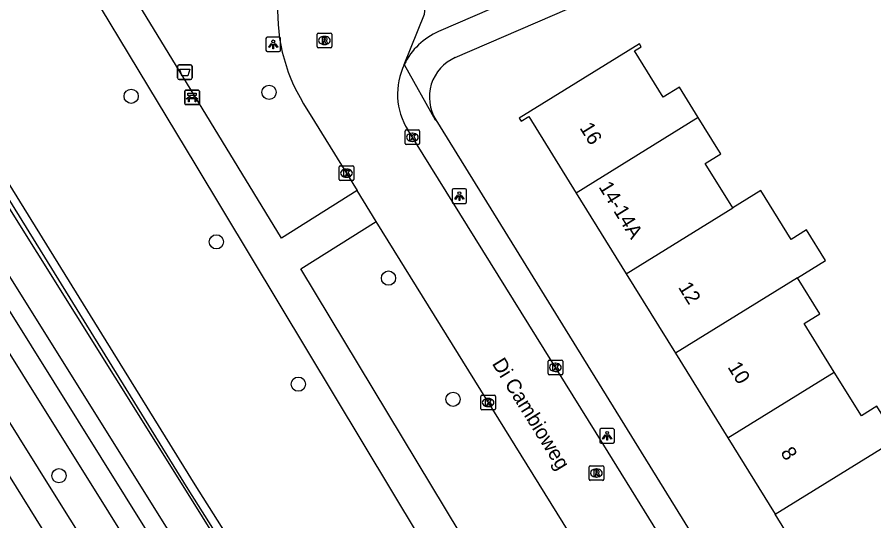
# Model space of a CAD drawing. Extents: x 159353 to 160616, y 385893 to 387321.
# Drawn here: x 159487.8 to 159546.6, y 386184 to 386218.6 of the extents above; entities that cross this region are included whole.
import ezdxf

# ---------------------------------------------------------------- set-up
doc = ezdxf.new("R2010")
doc.units = 0
for name, color, linetype in [('IMGEO_Afvalbak', 7, 'Continuous'), ('IMGEO_Bank', 7, 'Continuous'), ('IMGEO_Boom', 7, 'Continuous'), ('IMGEO_Fietspad_gesloten', 7, 'Continuous'), ('IMGEO_Haag', 7, 'Continuous'), ('IMGEO_Kolk', 7, 'Continuous'), ('IMGEO_Lichtpunt', 7, 'Continuous'), ('IMGEO_Openbare_ruimte_label', 7, 'Continuous'), ('IMGEO_Pand', 7, 'Continuous'), ('IMGEO_Pand_nummerreeks', 7, 'Continuous'), ('IMGEO_Rijbaan_lokaal_open', 7, 'Continuous'), ('IMGEO_Rioolput', 7, 'Continuous'), ('IMGEO_Voetpad_halfverhard', 7, 'Continuous'), ('IMGEO_Voetpad_open', 7, 'Continuous'), ('IMGEO_Waterloop', 7, 'Continuous')]:
    doc.layers.add(name, color=color, linetype=linetype)

msp = doc.modelspace()

# ---------------------------------------------------------------- linework, layer by layer
at = {"layer": 'IMGEO_Afvalbak'}
for p, q in [((159498.825, 386214.38), (159498.825, 386215.18)), ((159498.825, 386215.18), (159498.825, 386214.38)), ((159498.925, 386215.28), (159499.715, 386215.28)), ((159499.715, 386215.28), (159498.925, 386215.28)), ((159499.815, 386215.18), (159499.815, 386214.38)), ((159499.815, 386214.38), (159499.815, 386215.18)), ((159499.715, 386214.28), (159498.925, 386214.28)), ((159498.925, 386214.28), (159499.715, 386214.28))]:
    msp.add_line(p, q, dxfattribs=at)
msp.add_lwpolyline([(159498.968, 386214.994), (159499.672, 386214.994), (159499.523, 386214.524), (159499.117, 386214.524), (159498.968, 386214.994)], dxfattribs=at)
for centre, start, end in [((159498.925, 386215.18), 90, 180), ((159498.925, 386215.18), 90, 180), ((159499.715, 386215.18), 0, 90), ((159499.715, 386215.18), 360, 90), ((159498.925, 386214.38), 180, 270), ((159498.925, 386214.38), 180, 270), ((159499.715, 386214.38), 270, 0), ((159499.715, 386214.38), 270, 0)]:
    msp.add_arc(centre, 0.1, start, end, dxfattribs=at)
at = {"layer": 'IMGEO_Bank'}
for p, q in [((159499.318, 386212.627), (159499.318, 386213.468)), ((159499.318, 386213.468), (159499.318, 386212.627)), ((159499.393, 386213.552), (159500.234, 386213.552)), ((159500.234, 386213.552), (159499.393, 386213.552)), ((159500.318, 386213.477), (159500.318, 386212.636)), ((159500.318, 386212.636), (159500.318, 386213.477)), ((159500.015, 386212.95), (159499.622, 386212.95)), ((159499.627, 386213.058), (159499.627, 386213.164)), ((159499.671, 386213.164), (159499.671, 386213.058)), ((159499.959, 386213.17), (159499.677, 386213.17)), ((159499.677, 386213.052), (159499.959, 386213.052)), ((159499.965, 386213.058), (159499.965, 386213.164)), ((159500.009, 386213.164), (159500.009, 386213.058)), ((159500.243, 386212.552), (159499.402, 386212.552)), ((159499.402, 386212.552), (159500.243, 386212.552))]:
    msp.add_line(p, q, dxfattribs=at)
for points in [[(159499.621, 386213.17), (159499.535, 386213.17), (159499.535, 386213.331), (159500.098, 386213.331), (159500.098, 386213.17), (159500.015, 386213.17)], [(159499.565, 386212.95), (159499.423, 386212.95), (159499.535, 386213.052), (159499.621, 386213.052)], [(159499.615, 386212.943), (159499.615, 386212.736), (159499.572, 386212.736), (159499.572, 386212.943)], [(159500.015, 386213.052), (159500.098, 386213.052), (159500.21, 386212.95), (159500.071, 386212.95)], [(159500.065, 386212.943), (159500.065, 386212.736), (159500.021, 386212.736), (159500.021, 386212.943)]]:
    msp.add_lwpolyline(points, dxfattribs=at)
for centre, radius, start, end in [((159499.396, 386213.474), 0.0779, 92.4484, 184.28452), ((159499.396, 386213.474), 0.0779, 92.4484, 184.28452), ((159500.24, 386213.474), 0.0779, 2.4484, 94.28452), ((159500.24, 386213.474), 0.0779, 2.4484, 94.28452), ((159499.565, 386212.943), 0.00671, 2.89567, 87.10433), ((159499.622, 386212.943), 0.00671, 92.89567, 177.10433), ((159499.62, 386213.163), 0.00671, 2.89567, 87.10433), ((159499.62, 386213.059), 0.00671, 272.89567, 357.10433), ((159499.677, 386213.163), 0.00671, 92.89567, 177.10433), ((159499.677, 386213.059), 0.00671, 182.89567, 267.10433), ((159499.959, 386213.163), 0.00671, 2.89567, 87.10433), ((159499.959, 386213.059), 0.00671, 272.89567, 357.10433), ((159500.016, 386213.163), 0.00671, 92.89567, 177.10433), ((159500.016, 386213.059), 0.00671, 182.89567, 267.10433), ((159500.014, 386212.943), 0.00671, 2.89567, 87.10433), ((159500.071, 386212.943), 0.00671, 92.89567, 177.10433), ((159499.396, 386212.63), 0.0779, 182.4484, 274.28452), ((159499.396, 386212.63), 0.0779, 182.4484, 274.28452), ((159500.24, 386212.63), 0.0779, 272.4484, 4.28452), ((159500.24, 386212.63), 0.0779, 272.4484, 4.28452)]:
    msp.add_arc(centre, radius, start, end, dxfattribs=at)
at = {"layer": 'IMGEO_Boom'}
for centre in [(159505.097, 386213.396), (159495.642, 386213.127), (159501.485, 386203.148), (159513.283, 386200.66), (159507.104, 386193.391), (159517.712, 386192.355), (159490.692, 386187.113)]:
    msp.add_circle(centre, 0.489, dxfattribs=at)
at = {"layer": 'IMGEO_Fietspad_gesloten'}
for points in [[(159358.992, 386396.356), (159358.992, 386396.356), (159359.467, 386395.596), (159381.824, 386359.807), (159396.397, 386336.533), (159416.709, 386303.89), (159434.509, 386275.359), (159450.358, 386250), (159490.603, 386185.487), (159500, 386170.463), (159500.342, 386169.916), (159512.48, 386150.408), (159515.059, 386146.301), (159542.856, 386101.021), (159544.684, 386098.275)], [(159460.945, 386229.331), (159474.127, 386208.217), (159500, 386166.602), (159501.671, 386163.914), (159504.636, 386159.124), (159513.312, 386145.273), (159516.297, 386140.507), (159529.62, 386119.165), (159540.136, 386102.059), (159543.051, 386097.27)]]:
    msp.add_lwpolyline(points, dxfattribs=at)
at = {"layer": 'IMGEO_Haag'}
for points in [[(159382.354, 386376.783), (159419.283, 386316.377), (159458.061, 386254.291), (159460.741, 386250), (159500, 386186.48), (159520.962, 386153.341), (159520.51, 386153.027)], [(159381.896, 386376.477), (159418.815, 386316.088), (159457.595, 386254), (159460.274, 386249.71), (159499.534, 386186.188), (159520.51, 386153.027)]]:
    msp.add_lwpolyline(points, dxfattribs=at)
at = {"layer": 'IMGEO_Kolk'}
for p, q in [((159514.419, 386209.888), (159514.419, 386210.74)), ((159514.494, 386210.814), (159515.346, 386210.814)), ((159514.907, 386210.594), (159514.932, 386210.594)), ((159515.42, 386210.74), (159515.42, 386209.888)), ((159515.346, 386209.814), (159514.494, 386209.814)), ((159514.93, 386210.034), (159514.905, 386210.034)), ((159509.904, 386207.428), (159509.904, 386208.28)), ((159509.979, 386208.354), (159510.831, 386208.354)), ((159510.392, 386208.134), (159510.417, 386208.134)), ((159510.905, 386208.28), (159510.905, 386207.428)), ((159510.415, 386207.574), (159510.39, 386207.574)), ((159510.831, 386207.354), (159509.979, 386207.354)), ((159524.225, 386194.114), (159524.225, 386194.966)), ((159524.3, 386195.04), (159525.152, 386195.04)), ((159524.713, 386194.82), (159524.738, 386194.82)), ((159525.226, 386194.966), (159525.226, 386194.114)), ((159525.152, 386194.04), (159524.3, 386194.04)), ((159524.736, 386194.26), (159524.711, 386194.26)), ((159519.615, 386191.702), (159519.615, 386192.554)), ((159519.69, 386192.628), (159520.542, 386192.628)), ((159520.103, 386192.408), (159520.128, 386192.408)), ((159520.616, 386192.554), (159520.616, 386191.702)), ((159520.542, 386191.628), (159519.69, 386191.628)), ((159520.126, 386191.848), (159520.101, 386191.848))]:
    msp.add_line(p, q, dxfattribs=at)
for points in [[(159514.419, 386209.888), (159514.419, 386210.74)], [(159514.494, 386210.814), (159515.346, 386210.814)], [(159514.74, 386210.514), (159514.863, 386210.514), (159514.863, 386210.363), (159514.993, 386210.514), (159515.157, 386210.514), (159515.011, 386210.363), (159515.164, 386210.114), (159515.012, 386210.114), (159514.927, 386210.278), (159514.863, 386210.211), (159514.863, 386210.114), (159514.74, 386210.114), (159514.74, 386210.514)], [(159515.42, 386210.74), (159515.42, 386209.888)], [(159515.346, 386209.814), (159514.494, 386209.814)], [(159509.904, 386207.428), (159509.904, 386208.28)], [(159509.979, 386208.354), (159510.831, 386208.354)], [(159510.225, 386208.054), (159510.348, 386208.054), (159510.348, 386207.903), (159510.478, 386208.054), (159510.642, 386208.054), (159510.496, 386207.903), (159510.649, 386207.654), (159510.497, 386207.654), (159510.412, 386207.818), (159510.348, 386207.751), (159510.348, 386207.654), (159510.225, 386207.654), (159510.225, 386208.054)], [(159510.905, 386208.28), (159510.905, 386207.428)], [(159510.831, 386207.354), (159509.979, 386207.354)], [(159524.225, 386194.114), (159524.225, 386194.966)], [(159524.3, 386195.04), (159525.152, 386195.04)], [(159524.546, 386194.74), (159524.669, 386194.74), (159524.669, 386194.589), (159524.799, 386194.74), (159524.963, 386194.74), (159524.817, 386194.589), (159524.97, 386194.34), (159524.818, 386194.34), (159524.733, 386194.504), (159524.669, 386194.437), (159524.669, 386194.34), (159524.546, 386194.34), (159524.546, 386194.74)], [(159525.226, 386194.966), (159525.226, 386194.114)], [(159525.152, 386194.04), (159524.3, 386194.04)], [(159519.615, 386191.702), (159519.615, 386192.554)], [(159519.69, 386192.628), (159520.542, 386192.628)], [(159519.936, 386192.328), (159520.059, 386192.328), (159520.059, 386192.177), (159520.189, 386192.328), (159520.353, 386192.328), (159520.207, 386192.177), (159520.36, 386191.928), (159520.208, 386191.928), (159520.123, 386192.092), (159520.059, 386192.025), (159520.059, 386191.928), (159519.936, 386191.928), (159519.936, 386192.328)], [(159520.616, 386192.554), (159520.616, 386191.702)], [(159520.542, 386191.628), (159519.69, 386191.628)]]:
    msp.add_lwpolyline(points, dxfattribs=at)
for centre, start, end in [((159514.496, 386210.738), 91.55205, 178.44795), ((159514.496, 386210.738), 91.55205, 178.44795), ((159515.344, 386210.738), 1.55205, 88.44795), ((159515.344, 386210.738), 1.55205, 88.44795), ((159514.496, 386209.89), 181.55205, 268.44795), ((159514.496, 386209.89), 181.55205, 268.44795), ((159515.344, 386209.89), 271.55205, 358.44795), ((159515.344, 386209.89), 271.55205, 358.44795), ((159509.981, 386208.278), 91.55205, 178.44795), ((159509.981, 386208.278), 91.55205, 178.44795), ((159510.829, 386208.278), 1.55205, 88.44795), ((159510.829, 386208.278), 1.55205, 88.44795), ((159509.981, 386207.43), 181.55205, 268.44795), ((159509.981, 386207.43), 181.55205, 268.44795), ((159510.829, 386207.43), 271.55205, 358.44795), ((159510.829, 386207.43), 271.55205, 358.44795), ((159524.302, 386194.964), 91.55205, 178.44795), ((159524.302, 386194.964), 91.55205, 178.44795), ((159525.15, 386194.964), 1.55205, 88.44795), ((159525.15, 386194.964), 1.55205, 88.44795), ((159524.302, 386194.116), 181.55205, 268.44795), ((159524.302, 386194.116), 181.55205, 268.44795), ((159525.15, 386194.116), 271.55205, 358.44795), ((159525.15, 386194.116), 271.55205, 358.44795), ((159519.692, 386192.552), 91.55205, 178.44795), ((159519.692, 386192.552), 91.55205, 178.44795), ((159520.54, 386192.552), 1.55205, 88.44795), ((159520.54, 386192.552), 1.55205, 88.44795), ((159519.692, 386191.704), 181.55205, 268.44795), ((159519.692, 386191.704), 181.55205, 268.44795), ((159520.54, 386191.704), 271.55205, 358.44795), ((159520.54, 386191.704), 271.55205, 358.44795)]:
    msp.add_arc(centre, 0.0765, start, end, dxfattribs=at)
for centre, major_axis, ratio, start_param, end_param in [((159514.906, 386210.314), (-0.387, 0.002), 0.722429, 4.712389, 7.853982), ((159514.931, 386210.314), (-0.39, 0.002), 0.717154, 1.570796, 4.712389), ((159510.391, 386207.854), (-0.387, 0.002), 0.722429, 4.712389, 7.853982), ((159510.416, 386207.854), (-0.39, 0.002), 0.717154, 1.570796, 4.712389), ((159524.712, 386194.54), (-0.387, 0.002), 0.722429, 4.712389, 7.853982), ((159524.737, 386194.54), (-0.39, 0.002), 0.717154, 1.570796, 4.712389), ((159520.102, 386192.128), (-0.387, 0.002), 0.722429, 4.712389, 7.853982), ((159520.127, 386192.128), (-0.39, 0.002), 0.717154, 1.570796, 4.712389)]:
    msp.add_ellipse(centre, major_axis=major_axis, ratio=ratio, start_param=start_param, end_param=end_param, dxfattribs=at)
at = {"layer": 'IMGEO_Lichtpunt'}
for p, q in [((159504.883, 386217.087), (159504.883, 386216.28)), ((159504.883, 386217.087), (159504.883, 386216.28)), ((159505.785, 386217.182), (159504.977, 386217.182)), ((159505.785, 386217.182), (159504.977, 386217.182)), ((159505.879, 386216.28), (159505.879, 386217.087)), ((159505.879, 386216.28), (159505.879, 386217.087)), ((159504.977, 386216.186), (159505.785, 386216.186)), ((159504.977, 386216.186), (159505.785, 386216.186)), ((159517.646, 386206.686), (159517.646, 386205.879)), ((159517.646, 386206.686), (159517.646, 386205.879)), ((159518.548, 386206.781), (159517.74, 386206.781)), ((159518.548, 386206.781), (159517.74, 386206.781)), ((159518.642, 386205.879), (159518.642, 386206.686)), ((159518.642, 386205.879), (159518.642, 386206.686)), ((159517.74, 386205.785), (159518.548, 386205.785)), ((159517.74, 386205.785), (159518.548, 386205.785)), ((159527.775, 386190.249), (159527.775, 386189.442)), ((159527.775, 386190.249), (159527.775, 386189.442)), ((159528.677, 386190.344), (159527.869, 386190.344)), ((159528.677, 386190.344), (159527.869, 386190.344)), ((159528.771, 386189.442), (159528.771, 386190.249)), ((159528.771, 386189.442), (159528.771, 386190.249)), ((159527.869, 386189.348), (159528.677, 386189.348)), ((159527.869, 386189.348), (159528.677, 386189.348))]:
    msp.add_line(p, q, dxfattribs=at)
for points in [[(159505.257, 386216.751), (159505.296, 386216.723), (159505.108, 386216.461), (159505.07, 386216.488), (159505.257, 386216.751)], [(159505.359, 386216.703), (159505.406, 386216.703), (159505.406, 386216.381), (159505.359, 386216.381), (159505.359, 386216.703)], [(159505.469, 386216.723), (159505.507, 386216.75), (159505.694, 386216.488), (159505.655, 386216.46), (159505.469, 386216.723)], [(159518.02, 386206.35), (159518.059, 386206.322), (159517.871, 386206.06), (159517.833, 386206.087), (159518.02, 386206.35)], [(159518.122, 386206.302), (159518.169, 386206.302), (159518.169, 386205.98), (159518.122, 386205.98), (159518.122, 386206.302)], [(159518.232, 386206.322), (159518.27, 386206.349), (159518.457, 386206.087), (159518.418, 386206.059), (159518.232, 386206.322)], [(159528.149, 386189.913), (159528.188, 386189.885), (159528, 386189.623), (159527.962, 386189.65), (159528.149, 386189.913)], [(159528.251, 386189.865), (159528.298, 386189.865), (159528.298, 386189.543), (159528.251, 386189.543), (159528.251, 386189.865)], [(159528.361, 386189.885), (159528.399, 386189.912), (159528.586, 386189.65), (159528.547, 386189.622), (159528.361, 386189.885)]]:
    msp.add_lwpolyline(points, dxfattribs=at)
for centre in [(159505.382, 386216.885), (159518.145, 386206.484), (159528.274, 386190.047)]:
    msp.add_circle(centre, 0.0994, dxfattribs=at)
for centre, start, end in [((159504.977, 386217.087), 90, 180), ((159504.977, 386217.087), 90, 180), ((159505.785, 386217.087), 0, 90), ((159505.785, 386217.087), 0, 90), ((159504.977, 386216.28), 180, 270), ((159504.977, 386216.28), 180, 270), ((159505.785, 386216.28), 270, 0), ((159505.785, 386216.28), 270, 360), ((159517.74, 386206.686), 90, 180), ((159517.74, 386206.686), 90, 180), ((159518.548, 386206.686), 0, 90), ((159518.548, 386206.686), 0, 90), ((159517.74, 386205.879), 180, 270), ((159517.74, 386205.879), 180, 270), ((159518.548, 386205.879), 270, 0), ((159518.548, 386205.879), 270, 360), ((159527.869, 386190.249), 90, 180), ((159527.869, 386190.249), 90, 180), ((159528.677, 386190.249), 0, 90), ((159528.677, 386190.249), 0, 90), ((159527.869, 386189.442), 180, 270), ((159527.869, 386189.442), 180, 270), ((159528.677, 386189.442), 270, 0), ((159528.677, 386189.442), 270, 360)]:
    msp.add_arc(centre, 0.0946, start, end, dxfattribs=at)
at = {"layer": 'IMGEO_Pand'}
for points in [[(159534.522, 386211.671), (159533.226, 386213.759), (159532.116, 386213.072), (159530.157, 386216.238), (159530.61, 386216.519), (159530.486, 386216.721), (159522.251, 386211.626), (159522.379, 386211.419), (159522.909, 386211.746), (159526.159, 386206.494)], [(159534.522, 386211.671), (159526.159, 386206.494)], [(159536.881, 386205.471), (159534.998, 386208.513), (159536.07, 386209.177), (159535.863, 386209.511), (159534.522, 386211.671)], [(159526.159, 386206.494), (159529.585, 386200.956)], [(159541.325, 386200.685), (159543.251, 386201.877), (159541.953, 386203.973), (159540.889, 386203.314), (159538.814, 386206.667), (159536.881, 386205.471)], [(159529.585, 386200.956), (159536.881, 386205.471)], [(159529.585, 386200.956), (159532.957, 386195.506)], [(159541.325, 386200.685), (159532.957, 386195.506)], [(159543.84, 386194.224), (159541.786, 386197.543), (159542.858, 386198.207), (159541.325, 386200.685)], [(159532.957, 386195.506), (159536.545, 386189.708)], [(159536.545, 386189.708), (159543.84, 386194.224)], [(159548.154, 386189.648), (159546.773, 386191.88), (159545.702, 386191.217), (159543.84, 386194.224)], [(159536.545, 386189.708), (159539.786, 386184.469)], [(159539.786, 386184.469), (159548.154, 386189.648)], [(159543.292, 386178.802), (159539.786, 386184.469)]]:
    msp.add_lwpolyline(points, dxfattribs=at)
at = {"layer": 'IMGEO_Rijbaan_lokaal_open'}
for points in [[(159546.193, 386230.352), (159541.954, 386228.536), (159532.505, 386224.388), (159516.717, 386217.56)], [(159514.369, 386215.31), (159515.748, 386218.75), (159516.266, 386223.718), (159515.759, 386226.271), (159514.793, 386228.858)], [(159507.467, 386212.616), (159508.214, 386211.406), (159511.141, 386206.664)], [(159543.479, 386164.305), (159528.036, 386189.214), (159514.607, 386210.815)], [(159512.438, 386204.54), (159511.141, 386206.664)], [(159539.198, 386161.413), (159512.438, 386204.54)]]:
    msp.add_lwpolyline(points, dxfattribs=at)
for centre, radius, start, end in [((159517.645, 386218.896), 11.96, 174.8306, 211.67561), ((159518.565, 386213.281), 4.661, 113.36321, 154.1948), ((159518.567, 386213.278), 4.663, 154.17404, 211.88766)]:
    msp.add_arc(centre, radius, start, end, dxfattribs=at)
at = {"layer": 'IMGEO_Rioolput'}
for p, q in [((159508.465, 386217.454), (159509.317, 386217.454)), ((159508.39, 386216.528), (159508.39, 386217.38)), ((159508.878, 386217.234), (159508.903, 386217.234)), ((159509.391, 386217.38), (159509.391, 386216.528)), ((159509.317, 386216.454), (159508.465, 386216.454)), ((159508.901, 386216.674), (159508.876, 386216.674)), ((159527.035, 386186.872), (159527.035, 386187.724)), ((159527.11, 386187.798), (159527.962, 386187.798)), ((159527.523, 386187.578), (159527.548, 386187.578)), ((159528.036, 386187.724), (159528.036, 386186.872)), ((159527.546, 386187.018), (159527.521, 386187.018)), ((159527.962, 386186.798), (159527.11, 386186.798))]:
    msp.add_line(p, q, dxfattribs=at)
for points in [[(159508.465, 386217.454), (159509.317, 386217.454)], [(159508.39, 386216.528), (159508.39, 386217.38)], [(159508.979, 386217.152), (159508.727, 386217.154), (159508.727, 386216.754)], [(159508.727, 386216.754), (159508.851, 386216.754), (159508.851, 386216.916), (159508.862, 386216.916)], [(159508.905, 386217.073), (159508.851, 386217.073), (159508.851, 386216.992)], [(159508.851, 386216.992), (159508.903, 386216.992)], [(159508.909, 386216.887), (159508.98, 386216.754), (159509.12, 386216.754), (159509.055, 386216.88)], [(159509.391, 386217.38), (159509.391, 386216.528)], [(159509.317, 386216.454), (159508.465, 386216.454)], [(159527.035, 386186.872), (159527.035, 386187.724)], [(159527.11, 386187.798), (159527.962, 386187.798)], [(159527.624, 386187.496), (159527.372, 386187.498), (159527.372, 386187.098)], [(159528.036, 386187.724), (159528.036, 386186.872)], [(159527.372, 386187.098), (159527.496, 386187.098), (159527.496, 386187.26), (159527.507, 386187.26)], [(159527.55, 386187.417), (159527.496, 386187.417), (159527.496, 386187.336)], [(159527.496, 386187.336), (159527.548, 386187.336)], [(159527.554, 386187.231), (159527.625, 386187.098), (159527.765, 386187.098), (159527.7, 386187.224)], [(159527.962, 386186.798), (159527.11, 386186.798)]]:
    msp.add_lwpolyline(points, dxfattribs=at)
for centre, radius, start, end in [((159508.467, 386217.378), 0.0765, 91.55205, 178.44795), ((159508.467, 386217.378), 0.0765, 91.55205, 178.44795), ((159509.315, 386217.378), 0.0765, 1.55205, 88.44795), ((159509.315, 386217.378), 0.0765, 1.55205, 88.44795), ((159508.861, 386216.863), 0.0533, 26.02933, 88.69889), ((159508.887, 386217.181), 0.19, 274.7715, 282.96867), ((159508.911, 386216.977), 0.0964, 77.00612, 93.18647), ((159508.925, 386217.034), 0.0378, 276.66336, 79.67722), ((159508.978, 386217.042), 0.109, 350.36119, 89.41601), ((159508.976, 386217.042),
====
:: Work task ::
Each line with the word "ratio" in the records above belongs in the result; copy all of them.

:: Completed exercise ::
for centre, major_axis, ratio, start_param, end_param in [((159514.906, 386210.314), (-0.387, 0.002), 0.722429, 4.712389, 7.853982), ((159514.931, 386210.314), (-0.39, 0.002), 0.717154, 1.570796, 4.712389), ((159510.391, 386207.854), (-0.387, 0.002), 0.722429, 4.712389, 7.853982), ((159510.416, 386207.854), (-0.39, 0.002), 0.717154, 1.570796, 4.712389), ((159524.712, 386194.54), (-0.387, 0.002), 0.722429, 4.712389, 7.853982), ((159524.737, 386194.54), (-0.39, 0.002), 0.717154, 1.570796, 4.712389), ((159520.102, 386192.128), (-0.387, 0.002), 0.722429, 4.712389, 7.853982), ((159520.127, 386192.128), (-0.39, 0.002), 0.717154, 1.570796, 4.712389)]:
    msp.add_ellipse(centre, major_axis=major_axis, ratio=ratio, start_param=start_param, end_param=end_param, dxfattribs=at)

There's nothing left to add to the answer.